EXHIBIT 5.1
[INDEGLIA & CARNEY LETTERHEAD]
October 18, 2013
Vaccinogen, Inc..
5300 Westview Drive, Suite 406
Frederick, MD 21703
Re: Vaccinogen, Inc./ Registration Statement on Form S-1
To Whom It May Concern:
This opinion is furnished to you in connection with a Registration Statement on Form S-1 (the “Registration Statement”) to be filed with the Securities and Exchange Commission (the “Commission”) under the Securities Act of 1933, as amended (the “Securities Act), for the registration of an aggregate of 6,000,000 shares (the “Shares”) of common stock par value $0.0001 per share (the “Common Stock”) of Vaccinogen, Inc., a Maryland corporation (the “Corporation”).
We have acted as special counsel for the Corporation in connection with the registration of the resale of the Shares. We have examined signed copies of the Registration Statement, as amended, to be filed with the Commission. We have also examined and relied upon the minutes of meetings of the Board of Directors of the Corporation as provided to us by the Corporation, the Articles of Incorporation, as amended, By-laws and Resolutions adopted by the Board of Directors of the Corporation, each as restated and/or amended to date, and such other documents as we have deemed necessary for purposes of rendering the opinions hereinafter set forth.

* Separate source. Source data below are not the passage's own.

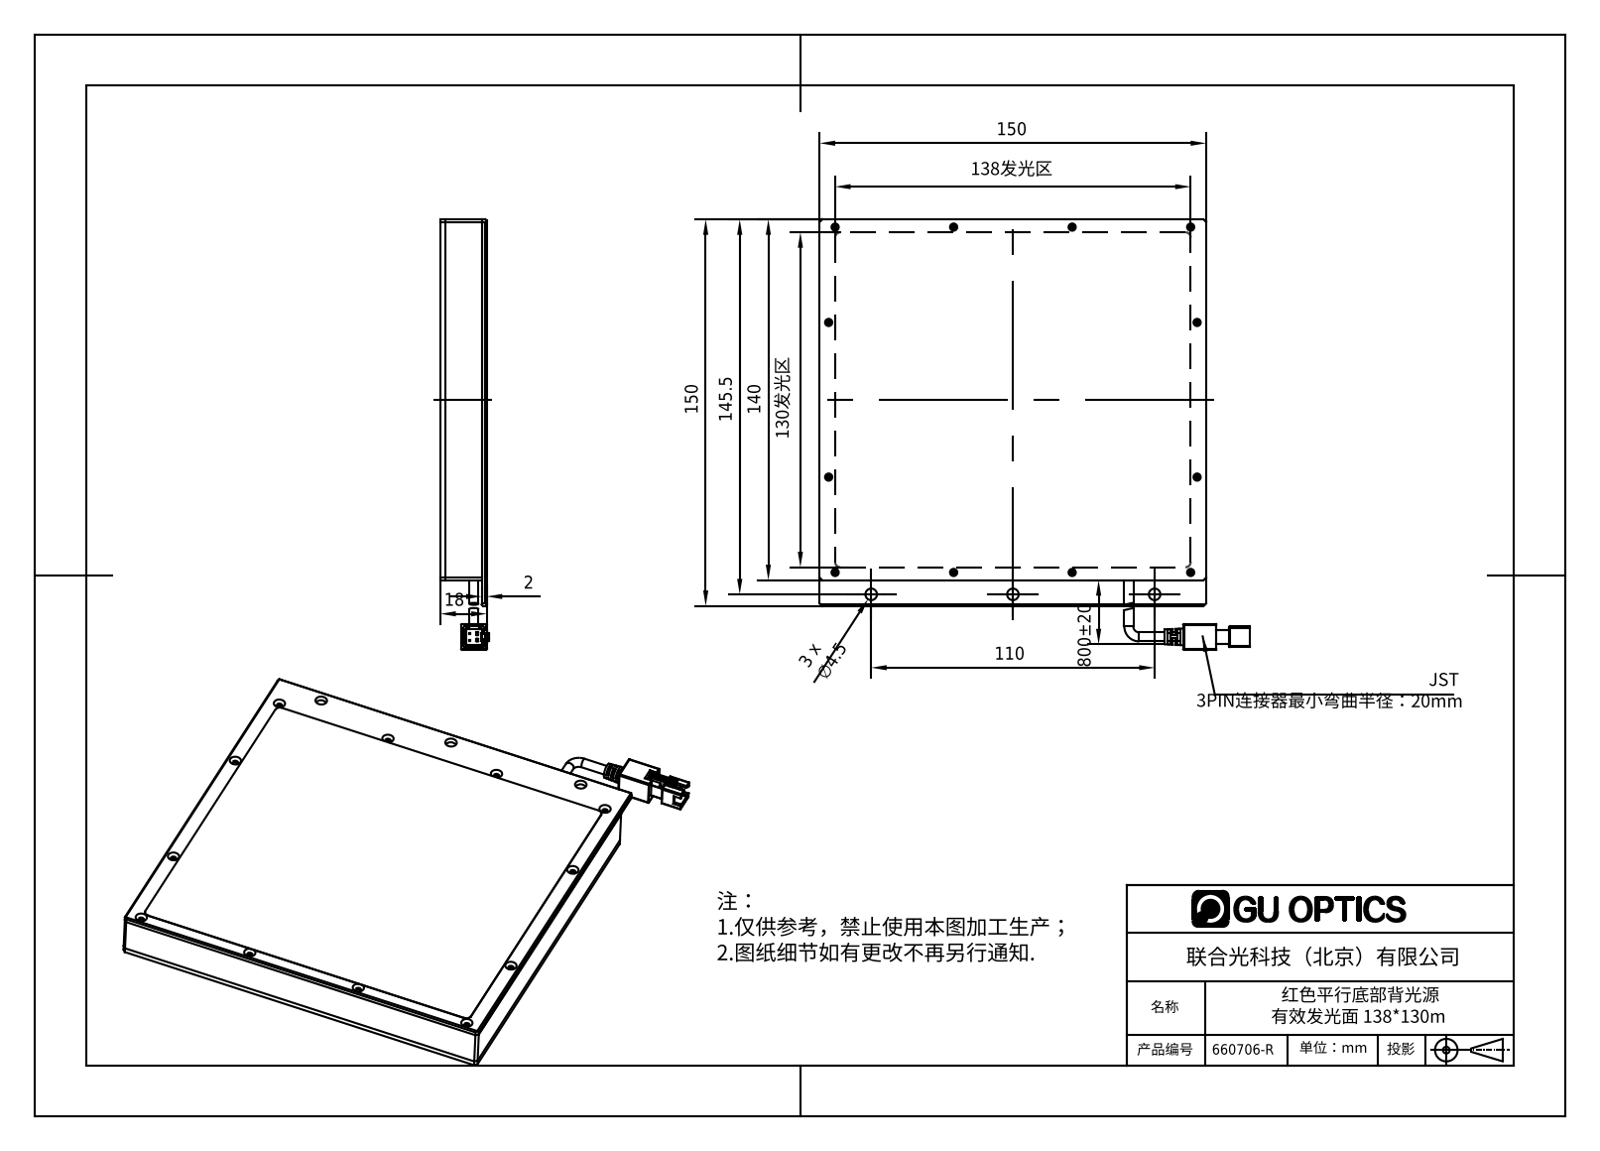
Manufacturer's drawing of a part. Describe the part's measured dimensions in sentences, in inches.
The part is named "660706-R". Its 3-D file was written by "SolidWorks 2016 (AUTOMOTIVE_DESIGN)". It is 22 solids with 3025 faces: 2614 planar, 253 cylindrical and 158 other. Overall it measures 6.575 by 6.575 by 0.736 inches. Its volume is 10.54 cubic inches and its surface area 244.2 square inches. Round holes: 12 of diameter 0.043, 12 of diameter 0.055, 12 of diameter 0.059, 12 of diameter 0.063, 12 of diameter 0.079, 12 of diameter 0.087, 12 of diameter 0.11, 3 of diameter 0.177. Round bosses or shafts: 2 of diameter 0.138. Partial cylindrical surfaces (rounded edges, fillets, slot ends): 15 of radius 0.004, 13 of radius 0.008, 12 of radius 0.016, 4 of radius 0.039, 4 of radius 0.079, 2 of radius 0.059, 1 of radius 0.012, 1 of radius 0.027. The main face-to-face distances are 0.079, 0.551, 0.63, 0.083, 0.634, 0.713, 0.472, 0.161, 0.197, 0.039. The hole center spacings are 1.811, 5.578, 1.46, 2.402, 3.622, 3.82, 3.996, 4.27.
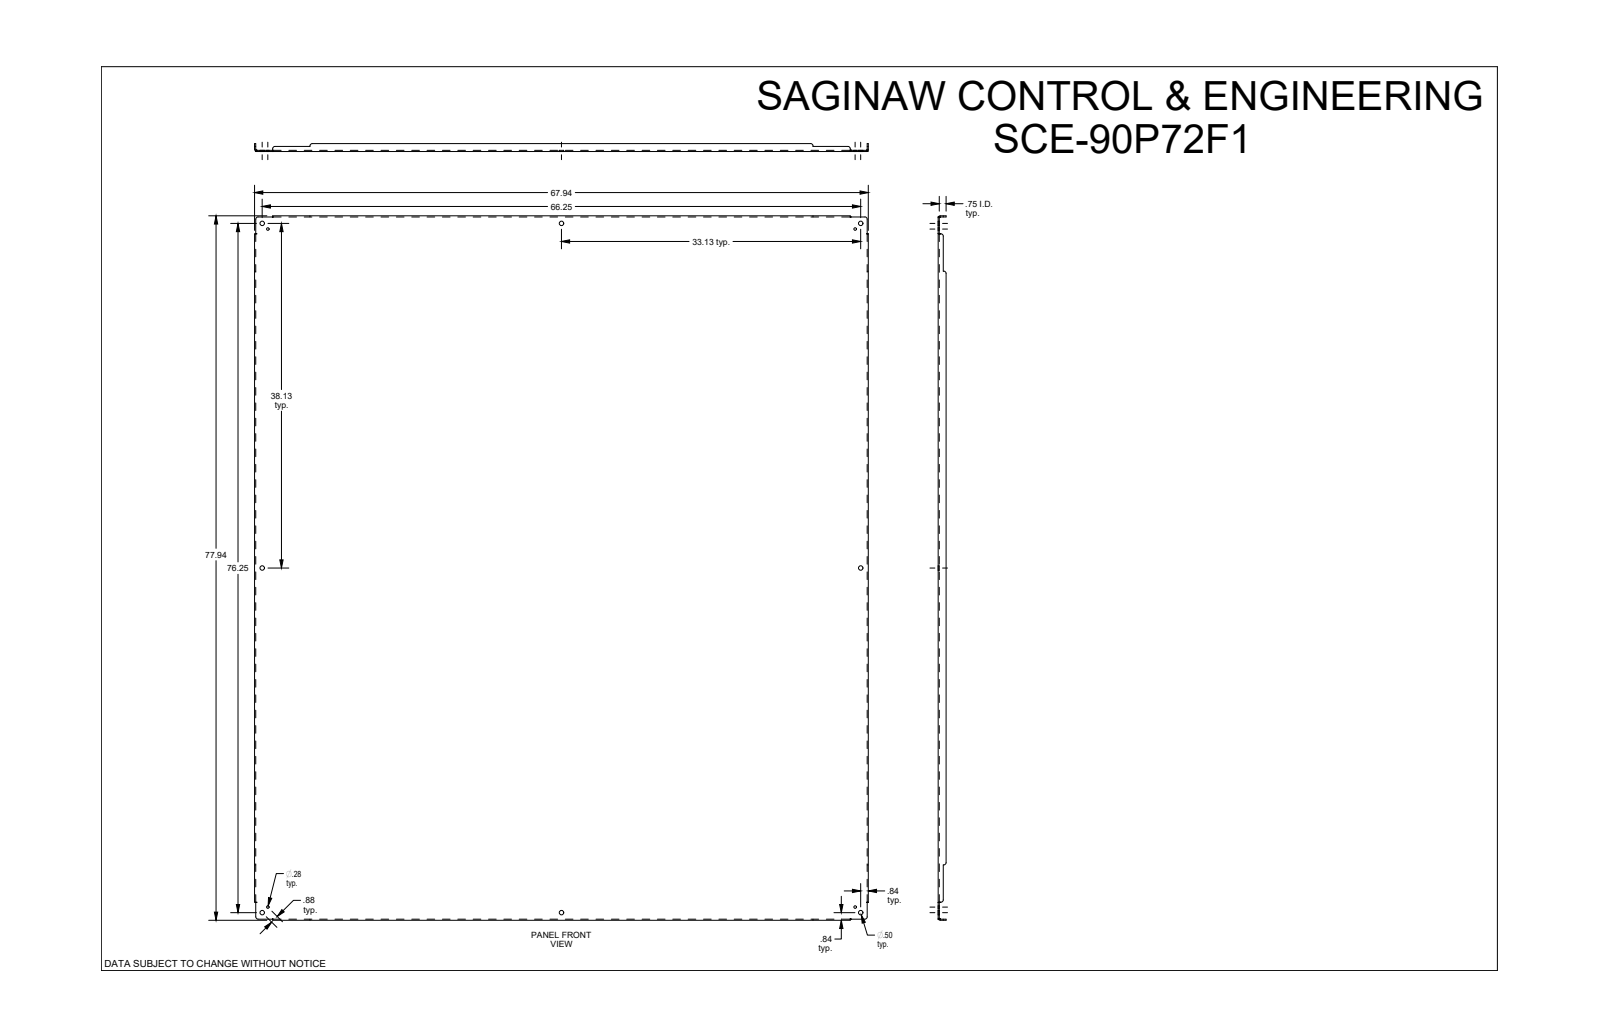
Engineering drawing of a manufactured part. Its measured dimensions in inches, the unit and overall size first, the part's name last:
Units: inches
Overall size (bounding box): 77.938 × 67.938 × 0.875
Round holes (diameter × count): ⌀0.5 ×8, ⌀0.281 ×4
Partial cylindrical surfaces — rounded edges, fillets, slot ends (radius × count): R0.25 ×12, R0.112 ×4, R0.237 ×4
Main face-to-face distances: 0.125, 0.125, 67.813, 77.813, 67.687, 67.938, 77.687, 77.938, 0.75, 0.875
Hole centre spacings: 0.875, 32.512, 33.125, 37.511, 38.125, 50.506, 65.634, 75.593
Volume: 683.3 in³ · Surface area: 10 972 in²
Bodies: 1 solid, 110 faces (46 planar, 40 cylindrical, 24 other)
Part name (STEP PRODUCT): SCE-90P72F1
STEP written by: SolidWorks 2019 (AUTOMOTIVE_DESIGN)

Based upon and subject to the foregoing, we are of the opinion that the Shares to be registered as covered by the Registration Statement, when sold in accordance with the terms and conditions set forth in the Registration Statement, will be duly authorized, validly issued, fully paid and non-assessable.
We hereby consent to the filing of this opinion with the Commission as an exhibit to the Registration Statement in accordance with the requirements of Item 601(b) of Regulation S-K under the Securities Act and to the use of our name therein and the related Prospectus under the caption “Legal Matters.”